Simulated Author's Rebuttal

2 responses · 0 unresolved

We thank the referee for the constructive feedback. We address each major comment below and will revise the manuscript to incorporate the suggested improvements for clarity and reproducibility.

read point-by-point responses
  1. Referee: [§3 (Motivating Observation)] §3 (Motivating Observation): The central premise that expert routing decisions exhibit 'strong temporal consistency across denoising levels as well as spatial consistency across token positions' is stated without any quantitative support (e.g., average Jaccard overlap, expert activation correlation coefficients, or per-step/per-position statistics); this quantification is load-bearing because the three proposed strategies rely on it to avoid missing critical experts during conservative and speculative selection.

    Authors: We agree that quantitative support for the temporal and spatial consistency claims in Section 3 would strengthen the motivating observation. In the revised manuscript, we will add explicit metrics including average Jaccard overlap of expert activations across denoising steps, expert activation correlation coefficients across token positions, and per-step/per-position statistics. These additions will directly substantiate the premise and justify the conservative and speculative selection strategies. revision: yes

  2. Referee: [§5 (Experiments)] §5 (Experiments): The headline result of 'up to 2.2× speedup ... with negligible performance degradation' is presented without reported experimental details on models, datasets, hardware, baseline MoE dLLM implementations, exact speedup metric (wall-clock vs. FLOPs), number of runs, or error bars; these omissions prevent verification that the speedup is measured correctly and that degradation remains negligible when the consistency assumption is stressed.

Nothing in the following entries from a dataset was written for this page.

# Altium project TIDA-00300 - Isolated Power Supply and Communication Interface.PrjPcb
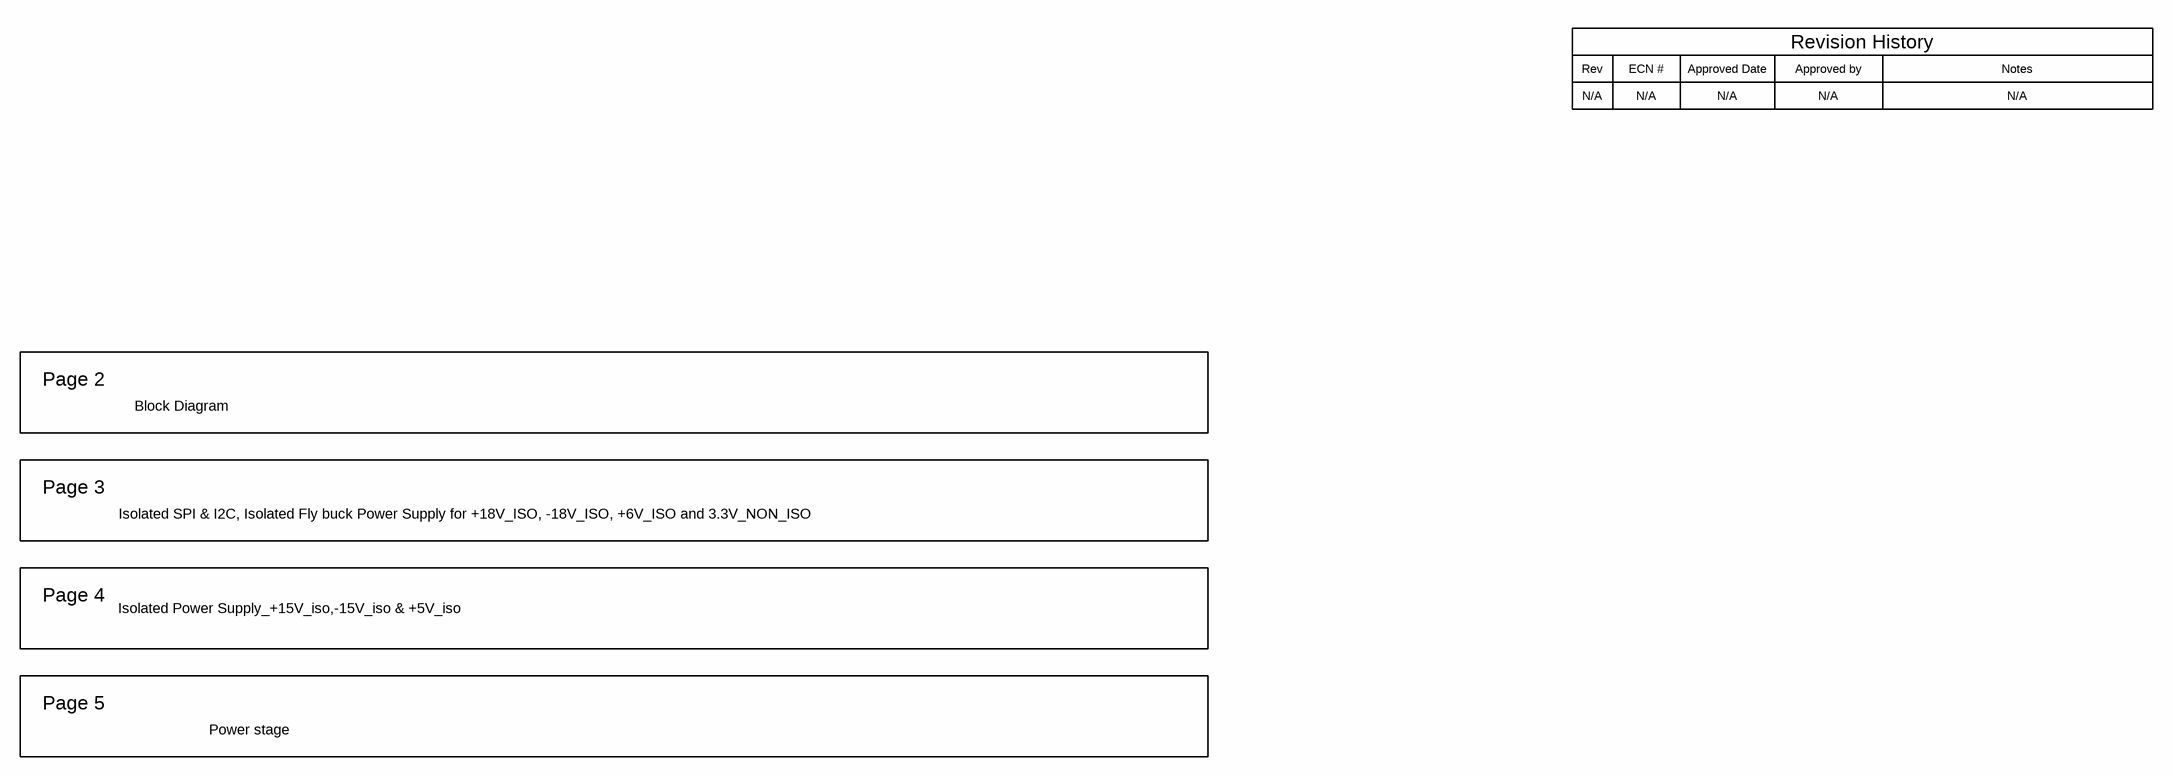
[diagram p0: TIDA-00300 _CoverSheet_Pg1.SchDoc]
CopyrightYear: 2019; PCB_Layout: Avinash N; PCB_Rev: E3; PRJ_Customer: Public Release; PRJ_Engineer: Sreenivasa; PRJ_Number: TIDA-00300; PRJ_Title: Isolated Power Supply and Communication Interface; SCH_Rev: E3; TechSupport: http://www.ti.com/support; TID: 00300
6 sheets, 197 parts. Net scope: flat (ports and power ports of the same name join across sheets).
Board file: TIDA-00300.PcbDoc
Sheets:
  TIDA-00300 _CoverSheet_Pg1.SchDoc
  TIDA-00300 _ Block Diagram_Pg2.SchDoc
  TIDA-00300_Isolated SPI, I2C & Fly buck Power Supply_Pg3 .SchDoc
  TIDA-00300_Isolated Power Supply +15V,-15V & +5V_Pg4 .SchDoc
  TIDA-00300_Power Stage_Pg5.SchDoc
  TIDA-00300_EVM_Hardware_Pg6.SchDoc

## Sheet TIDA-00300 _CoverSheet_Pg1.SchDoc: Coversheet
size 431 x 279 mm; Date: Not shown in title block; ApprovedBy: Not shown in title block; CheckedBy: Not shown in title block; Author: Not shown in title block; CompanyName: Not shown in title block; DrawnBy: Sreenivasa; Engineer: Not shown in title block; Organization: Not shown in title block; Address1: Not shown in title block; Address2: Not shown in title block; Address3: Not shown in title block; Address4: Not shown in title block; DocumentNumber: 1; Revision: Use project parameter SCH_Rev; SheetNumber: 1; SheetTotal: 6; PageSetup: Record=PageOptions¦CenterHorizontal=True¦CenterVertical=True¦PrintScale=1.00¦XCorrection=1.00¦YCorrection=1.00¦PrintKind=0¦BorderSize=5000000¦LeftOffset=0¦BottomOffset=0¦Orientation=2¦PaperLength=1000¦PaperWidth=1000¦Scale=100¦PaperSource=15¦PrintQuality=600¦MediaType=1¦DitherType=10¦PaperKind=Letter¦PrintScaleMode=1

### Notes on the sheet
- Rev
- N/A
- ECN #
- Approved Date
- Approved by
- Revision History
- Notes
- Page 2
- Block Diagram
- Page 3
- Isolated SPI & I2C, Isolated Fly buck Power Supply for +18V_ISO, -18V_ISO, +6V_ISO and 3.3V_NON_ISO
- Page 4
- Isolated Power Supply_+15V_iso,-15V_iso & +5V_iso
- Page 5
- Power stage

## Sheet TIDA-00300 _ Block Diagram_Pg2.SchDoc: Block Diagram
size 431 x 279 mm; Date: Not shown in title block; ApprovedBy: Not shown in title block; CheckedBy: Not shown in title block; Author: Not shown in title block; CompanyName: Not shown in title block; DrawnBy: Sreenivasa; Engineer: Sreenivasa; Organization: Not shown in title block; Address1: Not shown in title block; Address2: Not shown in title block; Address3: Not shown in title block; Address4: Not shown in title block; DocumentNumber: 1; Revision: Use project parameter SCH_Rev; SheetNumber: 2; SheetTotal: 6; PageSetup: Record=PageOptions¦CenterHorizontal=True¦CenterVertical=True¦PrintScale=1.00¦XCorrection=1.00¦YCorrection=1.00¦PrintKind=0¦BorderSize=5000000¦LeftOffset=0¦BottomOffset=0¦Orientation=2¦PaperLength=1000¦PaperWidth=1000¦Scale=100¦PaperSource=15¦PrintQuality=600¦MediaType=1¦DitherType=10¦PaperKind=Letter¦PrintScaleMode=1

    Authors: We acknowledge the need for fuller experimental details to support verification. The released code repository provides the underlying implementations, but we will expand Section 5 in the revision to explicitly report the models and datasets used, hardware setup, baseline MoE dLLM details, confirmation that speedup is wall-clock time, number of runs, and error bars. Performance degradation is assessed across standard benchmarks and remains negligible; we will also add discussion of robustness when consistency assumptions are stressed. revision: yes

Circularity Check

0 steps flagged

No circularity: empirical heuristic with no load-bearing derivations

full rationale

The paper presents TEAM as a plug-and-play acceleration framework motivated by an empirical observation of temporal and spatial consistency in MoE expert routing for dLLMs. No equations, uniqueness theorems, fitted parameters renamed as predictions, or self-citation chains appear in the provided text that would reduce any claimed result to its own inputs by construction. The three activation/decoding strategies are described as complementary heuristics leveraging the stated observation, with performance validated experimentally rather than derived, rendering the central claims self-contained without circular reduction.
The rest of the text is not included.